■ Data records
----------

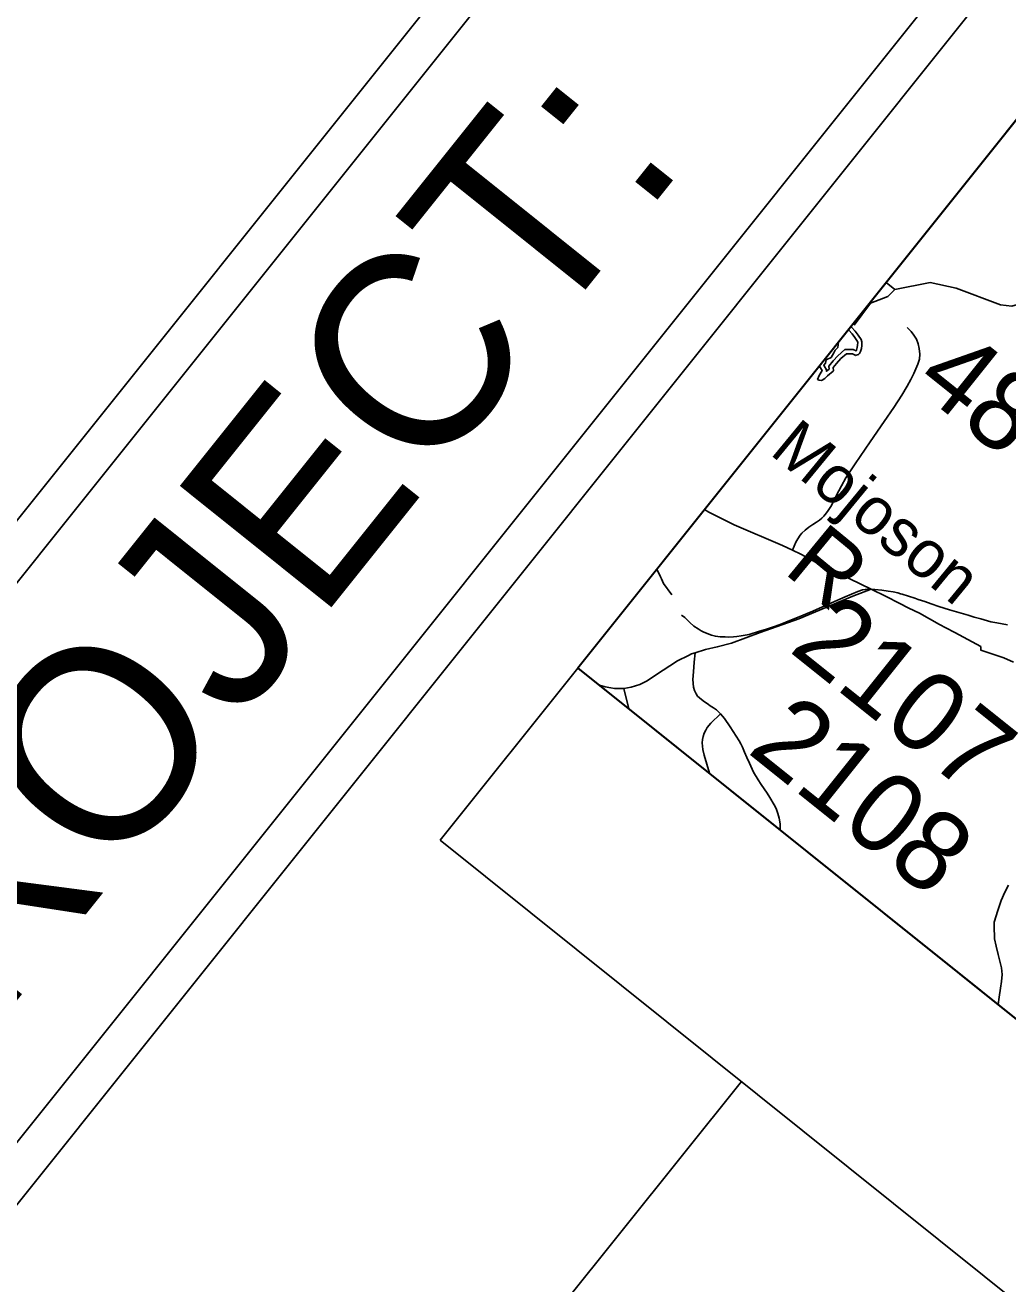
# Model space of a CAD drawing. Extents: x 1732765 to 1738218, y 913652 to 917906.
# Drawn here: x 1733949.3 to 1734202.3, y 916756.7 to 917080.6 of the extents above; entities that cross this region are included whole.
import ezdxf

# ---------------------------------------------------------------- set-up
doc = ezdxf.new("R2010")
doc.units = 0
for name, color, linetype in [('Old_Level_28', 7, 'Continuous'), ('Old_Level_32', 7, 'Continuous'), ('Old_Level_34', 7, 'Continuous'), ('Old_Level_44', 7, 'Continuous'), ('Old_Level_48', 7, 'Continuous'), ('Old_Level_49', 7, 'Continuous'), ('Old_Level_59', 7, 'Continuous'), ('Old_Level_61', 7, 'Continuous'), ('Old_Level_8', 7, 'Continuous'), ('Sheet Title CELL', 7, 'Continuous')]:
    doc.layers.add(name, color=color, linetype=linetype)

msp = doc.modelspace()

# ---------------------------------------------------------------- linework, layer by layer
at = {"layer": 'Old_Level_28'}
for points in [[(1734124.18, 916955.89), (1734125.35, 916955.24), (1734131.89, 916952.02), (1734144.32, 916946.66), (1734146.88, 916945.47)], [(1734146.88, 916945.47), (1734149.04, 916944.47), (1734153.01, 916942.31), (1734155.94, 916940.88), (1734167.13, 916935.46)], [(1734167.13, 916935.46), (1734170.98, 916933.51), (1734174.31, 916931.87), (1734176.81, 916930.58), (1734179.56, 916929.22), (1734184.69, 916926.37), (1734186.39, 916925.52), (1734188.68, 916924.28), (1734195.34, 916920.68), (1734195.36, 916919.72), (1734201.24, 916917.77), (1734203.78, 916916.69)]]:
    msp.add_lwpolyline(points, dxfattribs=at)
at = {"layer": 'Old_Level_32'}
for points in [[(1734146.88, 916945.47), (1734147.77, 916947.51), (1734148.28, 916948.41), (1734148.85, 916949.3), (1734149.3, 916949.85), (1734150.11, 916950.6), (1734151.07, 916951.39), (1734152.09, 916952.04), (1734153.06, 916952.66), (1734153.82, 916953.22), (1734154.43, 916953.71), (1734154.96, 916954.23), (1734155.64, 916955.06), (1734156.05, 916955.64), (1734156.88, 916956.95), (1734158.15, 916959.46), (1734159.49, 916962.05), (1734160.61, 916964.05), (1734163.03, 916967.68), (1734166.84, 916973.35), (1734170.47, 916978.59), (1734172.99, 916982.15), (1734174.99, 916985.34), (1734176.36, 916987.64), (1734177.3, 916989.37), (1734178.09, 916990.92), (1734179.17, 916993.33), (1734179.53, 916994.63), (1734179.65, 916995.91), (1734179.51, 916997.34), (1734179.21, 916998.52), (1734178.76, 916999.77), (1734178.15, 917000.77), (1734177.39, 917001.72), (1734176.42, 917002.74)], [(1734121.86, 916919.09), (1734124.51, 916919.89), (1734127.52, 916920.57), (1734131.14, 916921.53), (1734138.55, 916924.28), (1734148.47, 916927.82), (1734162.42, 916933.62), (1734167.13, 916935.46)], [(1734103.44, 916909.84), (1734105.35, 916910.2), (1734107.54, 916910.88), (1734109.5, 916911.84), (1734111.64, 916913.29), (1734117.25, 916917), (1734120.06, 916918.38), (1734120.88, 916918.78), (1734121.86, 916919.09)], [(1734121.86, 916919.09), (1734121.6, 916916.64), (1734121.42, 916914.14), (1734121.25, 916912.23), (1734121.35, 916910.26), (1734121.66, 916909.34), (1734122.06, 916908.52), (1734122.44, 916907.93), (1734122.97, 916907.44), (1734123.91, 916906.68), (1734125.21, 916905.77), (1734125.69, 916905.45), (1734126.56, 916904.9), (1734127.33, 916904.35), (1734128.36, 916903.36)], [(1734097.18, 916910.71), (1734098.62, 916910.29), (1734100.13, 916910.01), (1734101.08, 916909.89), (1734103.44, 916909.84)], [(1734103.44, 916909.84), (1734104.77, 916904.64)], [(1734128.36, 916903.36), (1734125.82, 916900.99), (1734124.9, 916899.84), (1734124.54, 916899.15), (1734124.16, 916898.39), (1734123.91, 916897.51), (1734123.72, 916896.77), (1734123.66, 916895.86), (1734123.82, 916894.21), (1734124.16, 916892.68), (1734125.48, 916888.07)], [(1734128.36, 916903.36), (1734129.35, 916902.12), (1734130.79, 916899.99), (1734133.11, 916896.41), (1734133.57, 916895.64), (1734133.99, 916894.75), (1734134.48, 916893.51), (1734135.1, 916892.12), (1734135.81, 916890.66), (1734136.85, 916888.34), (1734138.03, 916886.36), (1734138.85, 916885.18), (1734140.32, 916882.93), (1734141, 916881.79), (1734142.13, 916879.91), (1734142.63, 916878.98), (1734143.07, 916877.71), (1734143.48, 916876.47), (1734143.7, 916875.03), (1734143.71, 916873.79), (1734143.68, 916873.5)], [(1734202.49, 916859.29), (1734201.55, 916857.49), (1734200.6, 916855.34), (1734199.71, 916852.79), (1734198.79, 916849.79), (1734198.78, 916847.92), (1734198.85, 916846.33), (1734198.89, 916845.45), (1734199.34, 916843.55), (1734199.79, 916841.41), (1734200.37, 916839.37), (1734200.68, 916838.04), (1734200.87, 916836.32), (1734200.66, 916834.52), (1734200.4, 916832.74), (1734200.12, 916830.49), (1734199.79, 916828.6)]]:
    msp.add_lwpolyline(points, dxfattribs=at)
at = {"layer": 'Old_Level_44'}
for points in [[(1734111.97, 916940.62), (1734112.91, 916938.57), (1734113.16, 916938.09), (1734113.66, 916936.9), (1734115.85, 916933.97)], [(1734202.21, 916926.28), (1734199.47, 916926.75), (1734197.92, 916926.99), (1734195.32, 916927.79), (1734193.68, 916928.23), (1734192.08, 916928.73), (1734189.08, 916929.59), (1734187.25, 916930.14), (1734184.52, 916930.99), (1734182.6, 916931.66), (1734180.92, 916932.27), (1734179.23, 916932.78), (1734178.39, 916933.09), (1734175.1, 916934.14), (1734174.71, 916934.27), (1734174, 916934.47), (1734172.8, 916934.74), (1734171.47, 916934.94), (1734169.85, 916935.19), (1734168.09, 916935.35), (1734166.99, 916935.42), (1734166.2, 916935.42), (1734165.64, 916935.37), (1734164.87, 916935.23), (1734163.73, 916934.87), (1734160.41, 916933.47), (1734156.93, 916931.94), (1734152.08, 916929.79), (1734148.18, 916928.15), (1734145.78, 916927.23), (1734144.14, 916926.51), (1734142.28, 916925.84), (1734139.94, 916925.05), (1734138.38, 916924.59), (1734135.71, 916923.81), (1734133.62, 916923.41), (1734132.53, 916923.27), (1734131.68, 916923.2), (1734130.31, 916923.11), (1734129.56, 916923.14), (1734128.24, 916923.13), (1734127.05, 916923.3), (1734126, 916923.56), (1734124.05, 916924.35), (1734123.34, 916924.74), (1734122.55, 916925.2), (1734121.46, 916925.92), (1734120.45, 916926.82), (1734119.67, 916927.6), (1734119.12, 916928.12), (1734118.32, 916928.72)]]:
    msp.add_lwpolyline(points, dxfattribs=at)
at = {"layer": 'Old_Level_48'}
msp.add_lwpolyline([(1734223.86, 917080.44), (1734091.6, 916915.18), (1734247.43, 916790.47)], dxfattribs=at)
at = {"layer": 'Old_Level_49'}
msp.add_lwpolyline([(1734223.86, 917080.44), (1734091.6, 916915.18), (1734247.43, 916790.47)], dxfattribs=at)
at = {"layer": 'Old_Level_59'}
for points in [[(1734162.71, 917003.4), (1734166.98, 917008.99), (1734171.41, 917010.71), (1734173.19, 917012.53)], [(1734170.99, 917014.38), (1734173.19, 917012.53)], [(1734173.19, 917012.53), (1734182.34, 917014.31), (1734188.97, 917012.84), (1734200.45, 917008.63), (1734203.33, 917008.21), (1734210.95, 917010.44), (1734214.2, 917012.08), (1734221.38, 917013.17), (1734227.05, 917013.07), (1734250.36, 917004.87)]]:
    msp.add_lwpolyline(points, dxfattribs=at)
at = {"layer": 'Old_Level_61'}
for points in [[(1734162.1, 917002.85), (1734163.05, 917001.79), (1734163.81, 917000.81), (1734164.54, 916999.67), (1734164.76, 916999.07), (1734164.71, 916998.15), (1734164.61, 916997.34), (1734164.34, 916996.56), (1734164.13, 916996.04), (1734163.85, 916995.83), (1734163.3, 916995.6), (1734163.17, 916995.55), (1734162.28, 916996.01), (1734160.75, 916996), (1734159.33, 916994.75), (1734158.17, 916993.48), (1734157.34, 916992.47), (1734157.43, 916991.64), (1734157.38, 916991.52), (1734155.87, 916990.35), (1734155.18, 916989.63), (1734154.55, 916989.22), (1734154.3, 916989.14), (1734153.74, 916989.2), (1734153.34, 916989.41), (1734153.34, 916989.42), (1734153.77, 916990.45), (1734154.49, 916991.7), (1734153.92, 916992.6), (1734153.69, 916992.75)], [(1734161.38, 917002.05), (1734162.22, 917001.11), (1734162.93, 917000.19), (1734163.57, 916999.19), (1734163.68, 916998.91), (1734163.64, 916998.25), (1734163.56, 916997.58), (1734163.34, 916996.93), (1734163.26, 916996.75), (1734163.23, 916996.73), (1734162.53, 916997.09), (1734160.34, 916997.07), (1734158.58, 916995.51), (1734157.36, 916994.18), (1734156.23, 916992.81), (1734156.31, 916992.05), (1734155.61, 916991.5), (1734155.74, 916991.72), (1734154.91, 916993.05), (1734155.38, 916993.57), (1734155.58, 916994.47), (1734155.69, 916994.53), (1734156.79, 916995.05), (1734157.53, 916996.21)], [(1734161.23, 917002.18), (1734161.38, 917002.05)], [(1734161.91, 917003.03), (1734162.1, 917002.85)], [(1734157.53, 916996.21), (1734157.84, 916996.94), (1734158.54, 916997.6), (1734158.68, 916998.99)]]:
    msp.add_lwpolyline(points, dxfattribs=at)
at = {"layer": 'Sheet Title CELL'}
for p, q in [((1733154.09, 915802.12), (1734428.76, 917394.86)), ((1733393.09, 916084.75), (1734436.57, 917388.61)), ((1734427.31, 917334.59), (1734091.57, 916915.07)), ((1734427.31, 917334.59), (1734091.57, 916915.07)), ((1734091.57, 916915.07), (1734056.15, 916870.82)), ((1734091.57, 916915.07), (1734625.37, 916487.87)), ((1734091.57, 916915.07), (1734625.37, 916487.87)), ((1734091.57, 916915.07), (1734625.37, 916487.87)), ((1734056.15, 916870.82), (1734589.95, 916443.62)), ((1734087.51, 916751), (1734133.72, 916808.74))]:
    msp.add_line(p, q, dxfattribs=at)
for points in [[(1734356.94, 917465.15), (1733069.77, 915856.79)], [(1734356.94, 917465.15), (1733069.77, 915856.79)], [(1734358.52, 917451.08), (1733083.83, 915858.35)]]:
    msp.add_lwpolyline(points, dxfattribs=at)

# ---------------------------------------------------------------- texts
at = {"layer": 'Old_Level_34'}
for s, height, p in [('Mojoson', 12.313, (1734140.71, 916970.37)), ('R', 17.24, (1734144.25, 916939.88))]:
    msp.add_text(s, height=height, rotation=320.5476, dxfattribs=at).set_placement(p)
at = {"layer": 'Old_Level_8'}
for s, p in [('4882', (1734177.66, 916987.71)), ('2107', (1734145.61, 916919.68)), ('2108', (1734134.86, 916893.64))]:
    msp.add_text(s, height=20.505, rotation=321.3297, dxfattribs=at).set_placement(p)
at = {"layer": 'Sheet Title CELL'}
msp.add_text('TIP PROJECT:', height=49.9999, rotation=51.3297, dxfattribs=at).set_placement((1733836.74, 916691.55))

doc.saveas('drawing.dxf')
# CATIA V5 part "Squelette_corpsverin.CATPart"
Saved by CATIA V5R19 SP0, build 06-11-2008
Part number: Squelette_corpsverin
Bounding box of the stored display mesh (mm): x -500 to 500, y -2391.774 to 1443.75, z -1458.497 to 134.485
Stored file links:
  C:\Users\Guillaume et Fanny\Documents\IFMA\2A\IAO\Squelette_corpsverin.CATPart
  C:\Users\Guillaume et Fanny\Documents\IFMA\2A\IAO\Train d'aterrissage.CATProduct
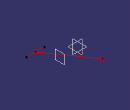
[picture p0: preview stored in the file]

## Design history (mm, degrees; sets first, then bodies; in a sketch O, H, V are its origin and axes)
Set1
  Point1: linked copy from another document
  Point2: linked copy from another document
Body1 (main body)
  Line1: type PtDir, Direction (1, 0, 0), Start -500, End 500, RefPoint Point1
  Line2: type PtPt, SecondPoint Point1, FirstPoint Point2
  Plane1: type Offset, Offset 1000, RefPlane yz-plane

----------

■ Problem
Print every line from the one that contains "Point2: linked copy from another document" to the end of the records, exactly as written, and nothing more.

■ Result of the exercise
  Point2: linked copy from another document
Body1 (main body)
  Line1: type PtDir, Direction (1, 0, 0), Start -500, End 500, RefPoint Point1
  Line2: type PtPt, SecondPoint Point1, FirstPoint Point2
  Plane1: type Offset, Offset 1000, RefPlane yz-plane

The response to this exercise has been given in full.